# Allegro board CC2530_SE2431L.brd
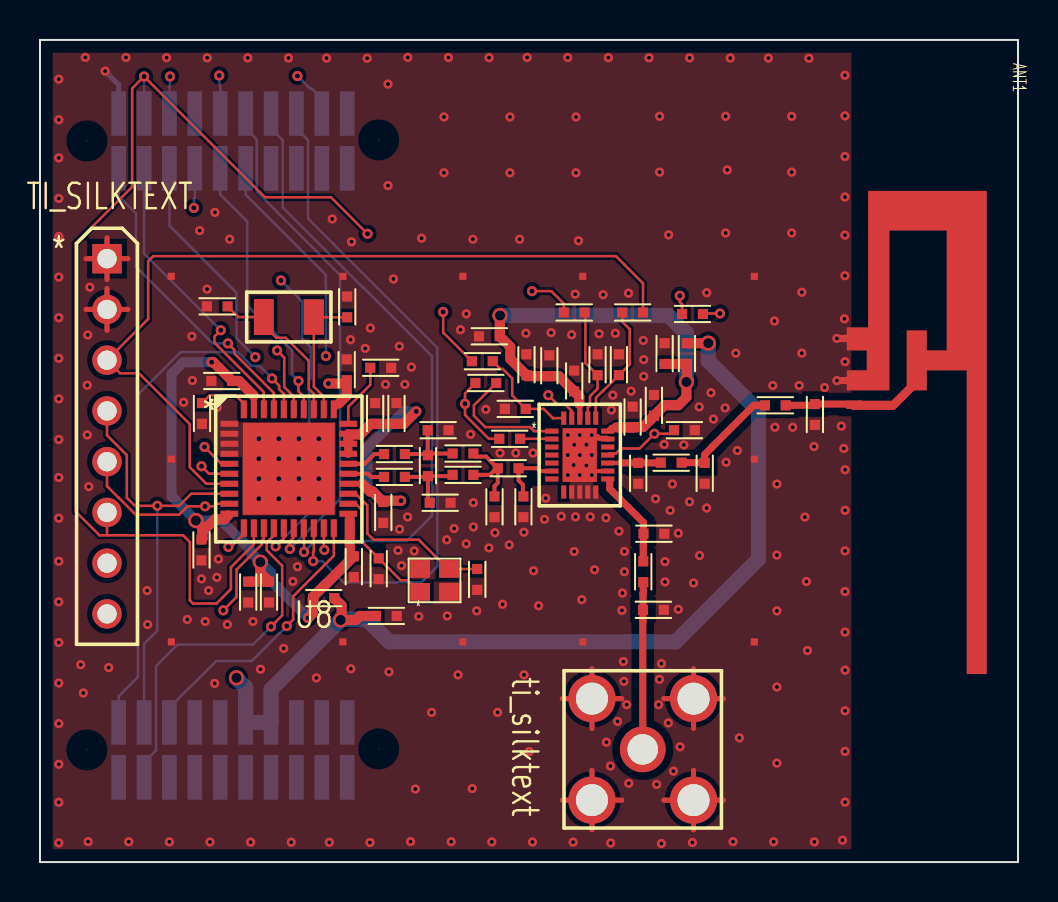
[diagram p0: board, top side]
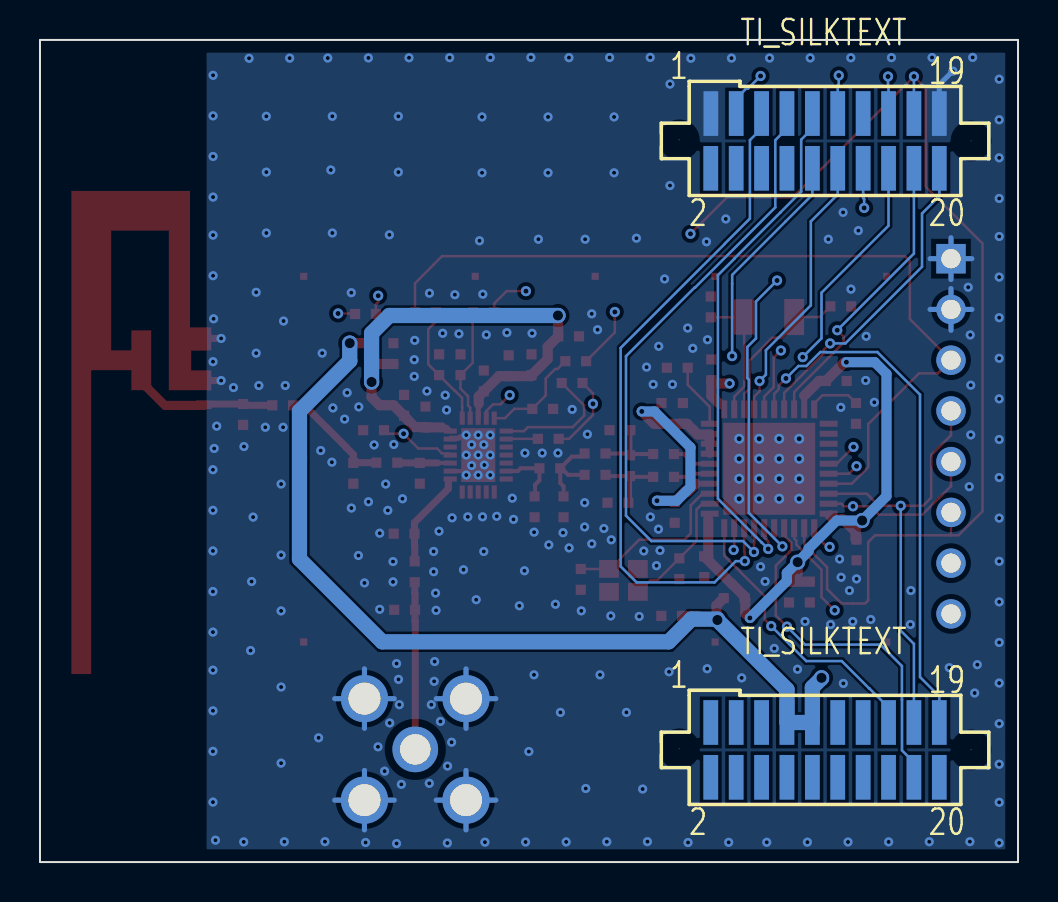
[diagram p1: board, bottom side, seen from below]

Outline 48.92 x 41.15 mm; copper layers: TOP, GND, SIGNAL_A, BOTTOM. Coordinates in mm from the lower left corner of the outline.
Outline path: rectangle 0,0 48.92,41.15

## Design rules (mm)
nets with their own width: min track width 0.356; nets N15960596 N15960606 N15982649 N15984570 VCC_SL2341 VDDRF
nets with their own width: min track width 0.508; nets VDD_CC253X

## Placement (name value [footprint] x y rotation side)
ANT1  N/A  [ANT_IIFA_CC2420_62MIL]  41.05 26.26 270 top
C1  1.0uF  [0402]  17.32 12.32 0 top
C2  1.0uF  [0402]  11.46 13.51 270 top
C3  1.0uF  [0402]  10.41 13.51 270 top
C4  1.0uF  [0402]  24.33 24.89 90 top
C5  1.0uF  [0402]  22.48 26.31 180 top
C6  12pF  [0402]  15.37 27.79 90 top
C7  12pF  [0402]  8.86 27.81 180 top
C47  1.0pF  [0402]  19.91 21.62 180 top
C48  1.0pF  [0402]  21.16 19.38 180 top
C52  2.2pF  [0402]  23.42 19.71 180 top
C62  2.2uF  [0402]  30.71 22.86 90 top
C63  100nF  [0402]  31.24 25.45 90 top
C64  10pF  [0402]  29.64 22.28 90 top
C65  10pF  [0402]  26.72 24.08 90 top
C66  2.2uF  [0402]  25.48 24.84 90 top
C71  1.8pF  [0402]  29.92 19.46 90 top
C72  1.8pF  [0402]  33.25 19.46 90 top
C76  DNI  [0402]  28.96 24.89 90 top
C77  DNI  [0402]  27.89 24.89 90 top
C79  DNI  [0402]  23.77 22.68 180 top
C83  1.8pF  [0402]  30.71 16.43 180 top
C84  1.8pF  [0402]  30.68 12.62 180 top
C85  DNI  [0402]  32.23 21.62 0 top
C101  0.1uF  [0402]  8.08 15.62 270 top
C211  0.1uF  [0402]  15.7 14.78 270 top
C221  15pF  [0402]  16.94 14.68 270 top
C231  15pF  [0402]  21.87 14.15 270 top
C241  0.1uF  [0402]  17.17 17.5 270 top
C251  18pF  [0402]  17.73 19.28 0 top
C261  18pF  [0402]  17.73 20.42 0 top
C281  0.1uF  [0402]  16.76 22.45 90 top
C282  220pF  [0402]  17.83 22.45 90 top
C311  0.1uF  [0402]  15.34 24.64 90 top
C391  1.0uF  [0402]  9.09 24.08 180 top
C401  1.0uF  [0402]  8.1 22.45 90 top
C402  TBD  [0402]  19.41 19.84 90 top
C403  TBD  [0402]  22.73 17.78 270 top
C404  TBD  [0402]  24.18 17.78 270 top
C405  TBD  [0402]  38.76 22.4 270 top
FB1  1K ohm @ 100MHz  [FB_0402]  14.2 13.21 180 top
FB2  1K ohm @ 100MHz  [FB_0402]  32.36 25.45 270 top
J5  3 GHz  [SMA_THVT_5-1814832-1]  30.15 5.64 270 top
L3  2.0nH  [0402]  20.02 17.98 0 top
L4  2.0nH  [0402]  21.16 20.45 180 top
L8  1.2nH  [0402]  31.57 19.99 180 top
L10  1.2nH  [0402]  30.18 14.53 90 top
P1  SFM-110-02-L-D-A  [CON_SMVT_2X10_50_F_SFM_FLIP_CC]  9.65 36.09 180 bottom
P2  SFM-110-02-L-D-A  [CON_SMVT_2X10_50_F_SFM_FLIP_CC]  9.65 5.61 180 bottom
P3  1x8 THVT  [HDR_THVT_1X8_100_M]  3.35 30.2 0 top
R28  2.2k  [0402]  22.3 23.98 0 top
R29  1.2k  [0402]  23.49 21.18 0 top
R32  0  [0402]  29.64 27.51 180 top
R43  0  [0402]  26.72 27.51 0 top
R45  0  [0402]  22.12 25.07 0 top
R48  0  [0402]  32.64 27.43 0 top
R301  56.2K  [0402]  17.04 24.74 0 top
R302  0  [0402]  36.78 22.86 0 top
U5  SE2431L-R  [QFN_24_EP1P70X2P70]  27 20.37 0 top
U7  CC2530F256RHA  [PVQFN_RHA40_EP4P50SQ]  12.45 19.68 270 top
U8  RF SHIELD  [SH_BMI-S-209_1P156X728]  6.07 10.52 0 top
Y5  32.768kHz  [XTAL_130X63X36]  12.45 27.28 180 top
Y6  32MHz 12pF  [XTAL_4_SM_83X67X20]  19.74 14.1 0 top

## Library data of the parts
ANT1 = ANT_IIFA_CC2420_62mil
C1-C5 = CAP_NP: alternate symbols: (0402_SMALL)
C6 C7 = CAP_NP: tolerance: 5%
C47 C48 C52 C71 C72 C83 C84 = CAP_NP: tolerance: NPO +/-0.25pF
C62-C66 C76 C77 C79 C85 C101 C211 C241 C281 C282 C311 C391 C401 = CAP0402
C221 C231 C251 C261 = CAP_NP: tolerance: +/-5%
C402-C405 = CAP_NP
FB1 FB2 = FERRITE_BEAD
J5 = SMA_5P
L3 L4 L8 L10 = IND0402
P1 P2 = CON_SMVT_2x10_50_F_SFM_FLIP_CC
P3 = HEADER_1x8
R28 R29 R32 R43 R45 R48 R302 = RES0402: tolerance: 5%
R301 = RES0402: tolerance: 1%
U5 = SE2431L_QFN24
U7 = CC2530Fxx_RHA40
U8 = RF_SHIELD_12P
Y5 = XTAL_32p768kHz_CC7V_T1A
Y6 = XTAL_4_FA-128_32MHz_10ppm_12pF

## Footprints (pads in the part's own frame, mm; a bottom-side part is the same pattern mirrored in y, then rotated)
0402
  rect 0.508x0.508 smd: 1(-0.521,0) 2(0.521,0)
ANT_IIFA_CC2420_62MIL
  rect 0.33x1.397 smd: 1(3.404,0) 2(2.108,0) 3(0,0)
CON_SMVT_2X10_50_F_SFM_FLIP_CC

> [Exercise prompt]:
Without the pictures, reproduce every record exactly as it appears above.

> [Answer]:
# Allegro board CC2530_SE2431L.brd
[diagram p0: board, top side]
[diagram p1: board, bottom side, seen from below]

Outline 48.92 x 41.15 mm; copper layers: TOP, GND, SIGNAL_A, BOTTOM. Coordinates in mm from the lower left corner of the outline.
Outline path: rectangle 0,0 48.92,41.15

## Design rules (mm)
nets with their own width: min track width 0.356; nets N15960596 N15960606 N15982649 N15984570 VCC_SL2341 VDDRF
nets with their own width: min track width 0.508; nets VDD_CC253X

## Placement (name value [footprint] x y rotation side)
ANT1  N/A  [ANT_IIFA_CC2420_62MIL]  41.05 26.26 270 top
C1  1.0uF  [0402]  17.32 12.32 0 top
C2  1.0uF  [0402]  11.46 13.51 270 top
C3  1.0uF  [0402]  10.41 13.51 270 top
C4  1.0uF  [0402]  24.33 24.89 90 top
C5  1.0uF  [0402]  22.48 26.31 180 top
C6  12pF  [0402]  15.37 27.79 90 top
C7  12pF  [0402]  8.86 27.81 180 top
C47  1.0pF  [0402]  19.91 21.62 180 top
C48  1.0pF  [0402]  21.16 19.38 180 top
C52  2.2pF  [0402]  23.42 19.71 180 top
C62  2.2uF  [0402]  30.71 22.86 90 top
C63  100nF  [0402]  31.24 25.45 90 top
C64  10pF  [0402]  29.64 22.28 90 top
C65  10pF  [0402]  26.72 24.08 90 top
C66  2.2uF  [0402]  25.48 24.84 90 top
C71  1.8pF  [0402]  29.92 19.46 90 top
C72  1.8pF  [0402]  33.25 19.46 90 top
C76  DNI  [0402]  28.96 24.89 90 top
C77  DNI  [0402]  27.89 24.89 90 top
C79  DNI  [0402]  23.77 22.68 180 top
C83  1.8pF  [0402]  30.71 16.43 180 top
C84  1.8pF  [0402]  30.68 12.62 180 top
C85  DNI  [0402]  32.23 21.62 0 top
C101  0.1uF  [0402]  8.08 15.62 270 top
C211  0.1uF  [0402]  15.7 14.78 270 top
C221  15pF  [0402]  16.94 14.68 270 top
C231  15pF  [0402]  21.87 14.15 270 top
C241  0.1uF  [0402]  17.17 17.5 270 top
C251  18pF  [0402]  17.73 19.28 0 top
C261  18pF  [0402]  17.73 20.42 0 top
C281  0.1uF  [0402]  16.76 22.45 90 top
C282  220pF  [0402]  17.83 22.45 90 top
C311  0.1uF  [0402]  15.34 24.64 90 top
C391  1.0uF  [0402]  9.09 24.08 180 top
C401  1.0uF  [0402]  8.1 22.45 90 top
C402  TBD  [0402]  19.41 19.84 90 top
C403  TBD  [0402]  22.73 17.78 270 top
C404  TBD  [0402]  24.18 17.78 270 top
C405  TBD  [0402]  38.76 22.4 270 top
FB1  1K ohm @ 100MHz  [FB_0402]  14.2 13.21 180 top
FB2  1K ohm @ 100MHz  [FB_0402]  32.36 25.45 270 top
J5  3 GHz  [SMA_THVT_5-1814832-1]  30.15 5.64 270 top
L3  2.0nH  [0402]  20.02 17.98 0 top
L4  2.0nH  [0402]  21.16 20.45 180 top
L8  1.2nH  [0402]  31.57 19.99 180 top
L10  1.2nH  [0402]  30.18 14.53 90 top
P1  SFM-110-02-L-D-A  [CON_SMVT_2X10_50_F_SFM_FLIP_CC]  9.65 36.09 180 bottom
P2  SFM-110-02-L-D-A  [CON_SMVT_2X10_50_F_SFM_FLIP_CC]  9.65 5.61 180 bottom
P3  1x8 THVT  [HDR_THVT_1X8_100_M]  3.35 30.2 0 top
R28  2.2k  [0402]  22.3 23.98 0 top
R29  1.2k  [0402]  23.49 21.18 0 top
R32  0  [0402]  29.64 27.51 180 top
R43  0  [0402]  26.72 27.51 0 top
R45  0  [0402]  22.12 25.07 0 top
R48  0  [0402]  32.64 27.43 0 top
R301  56.2K  [0402]  17.04 24.74 0 top
R302  0  [0402]  36.78 22.86 0 top
U5  SE2431L-R  [QFN_24_EP1P70X2P70]  27 20.37 0 top
U7  CC2530F256RHA  [PVQFN_RHA40_EP4P50SQ]  12.45 19.68 270 top
U8  RF SHIELD  [SH_BMI-S-209_1P156X728]  6.07 10.52 0 top
Y5  32.768kHz  [XTAL_130X63X36]  12.45 27.28 180 top
Y6  32MHz 12pF  [XTAL_4_SM_83X67X20]  19.74 14.1 0 top

## Library data of the parts
ANT1 = ANT_IIFA_CC2420_62mil
C1-C5 = CAP_NP: alternate symbols: (0402_SMALL)
C6 C7 = CAP_NP: tolerance: 5%
C47 C48 C52 C71 C72 C83 C84 = CAP_NP: tolerance: NPO +/-0.25pF
C62-C66 C76 C77 C79 C85 C101 C211 C241 C281 C282 C311 C391 C401 = CAP0402
C221 C231 C251 C261 = CAP_NP: tolerance: +/-5%
C402-C405 = CAP_NP
FB1 FB2 = FERRITE_BEAD
J5 = SMA_5P
L3 L4 L8 L10 = IND0402
P1 P2 = CON_SMVT_2x10_50_F_SFM_FLIP_CC
P3 = HEADER_1x8
R28 R29 R32 R43 R45 R48 R302 = RES0402: tolerance: 5%
R301 = RES0402: tolerance: 1%
U5 = SE2431L_QFN24
U7 = CC2530Fxx_RHA40
U8 = RF_SHIELD_12P
Y5 = XTAL_32p768kHz_CC7V_T1A
Y6 = XTAL_4_FA-128_32MHz_10ppm_12pF

## Footprints (pads in the part's own frame, mm; a bottom-side part is the same pattern mirrored in y, then rotated)
0402
  rect 0.508x0.508 smd: 1(-0.521,0) 2(0.521,0)
ANT_IIFA_CC2420_62MIL
  rect 0.33x1.397 smd: 1(3.404,0) 2(2.108,0) 3(0,0)
CON_SMVT_2X10_50_F_SFM_FLIP_CC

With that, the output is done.